Exercise prompt: Having found the line that contains "STEP (ISO 10303-21)", please retype only it and every line after it up to the end of the entries, exactly as written.

(Data entries)
-- -- --
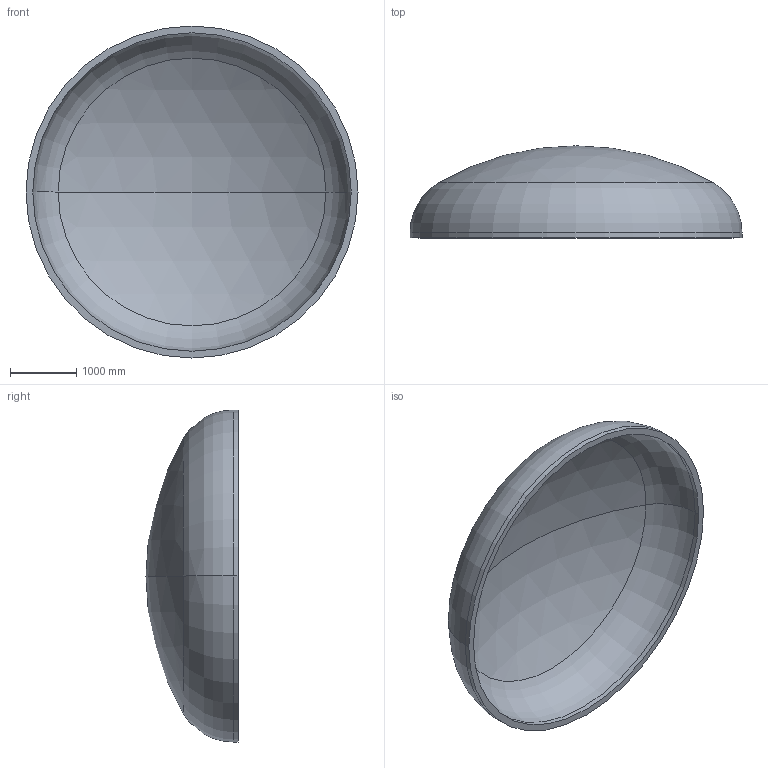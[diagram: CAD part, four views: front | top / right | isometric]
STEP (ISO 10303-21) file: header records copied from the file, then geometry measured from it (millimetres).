
FILE_DESCRIPTION (( 'STEP AP203' ), '1' );
FILE_NAME ('DIN 28013 Korbbogenform_-_Boden DIN 28013 - 5000 x 75 - I - s=102.step', '2016-07-02T00:56:26', ( '' ), ( '' ), 'SwSTEP 2.0', 'SolidWorks 2013', '' );
FILE_SCHEMA (( 'CONFIG_CONTROL_DESIGN' ));
Length unit declared in the file: millimetre
Products named in the file (1): DIN 28013 Korbbogenform_-_Boden DIN 28013 - 5000 x 75 - I - s=102
Bounding box: 5000 x 1387.28 x 5000 mm (x, y, z)
Volume: 2818032254.8 mm3; surface area: 56846831.4 mm2
Topology: 1 solids, 1 shells, 13 faces, 24 edges, 14 vertices
Faces by surface type: torus 4, cylinder 4, sphere 4, plane 1
Entity records: 407 total; most frequent: DIRECTION 72, CARTESIAN_POINT 52, ORIENTED_EDGE 48, AXIS2_PLACEMENT_3D 34, EDGE_CURVE 24, CIRCLE 20, VERTEX_POINT 14, EDGE_LOOP 14
-- -- --
Response:
STEP (ISO 10303-21) file: header records copied from the file, then geometry measured from it (millimetres).
FILE_DESCRIPTION (( 'STEP AP203' ), '1' );
FILE_NAME ('DIN 28013 Korbbogenform_-_Boden DIN 28013 - 5000 x 75 - I - s=102.step', '2016-07-02T00:56:26', ( '' ), ( '' ), 'SwSTEP 2.0', 'SolidWorks 2013', '' );
FILE_SCHEMA (( 'CONFIG_CONTROL_DESIGN' ));
Length unit declared in the file: millimetre
Products named in the file (1): DIN 28013 Korbbogenform_-_Boden DIN 28013 - 5000 x 75 - I - s=102
Bounding box: 5000 x 1387.28 x 5000 mm (x, y, z)
Volume: 2818032254.8 mm3; surface area: 56846831.4 mm2
Topology: 1 solids, 1 shells, 13 faces, 24 edges, 14 vertices
Faces by surface type: torus 4, cylinder 4, sphere 4, plane 1
Entity records: 407 total; most frequent: DIRECTION 72, CARTESIAN_POINT 52, ORIENTED_EDGE 48, AXIS2_PLACEMENT_3D 34, EDGE_CURVE 24, CIRCLE 20, VERTEX_POINT 14, EDGE_LOOP 14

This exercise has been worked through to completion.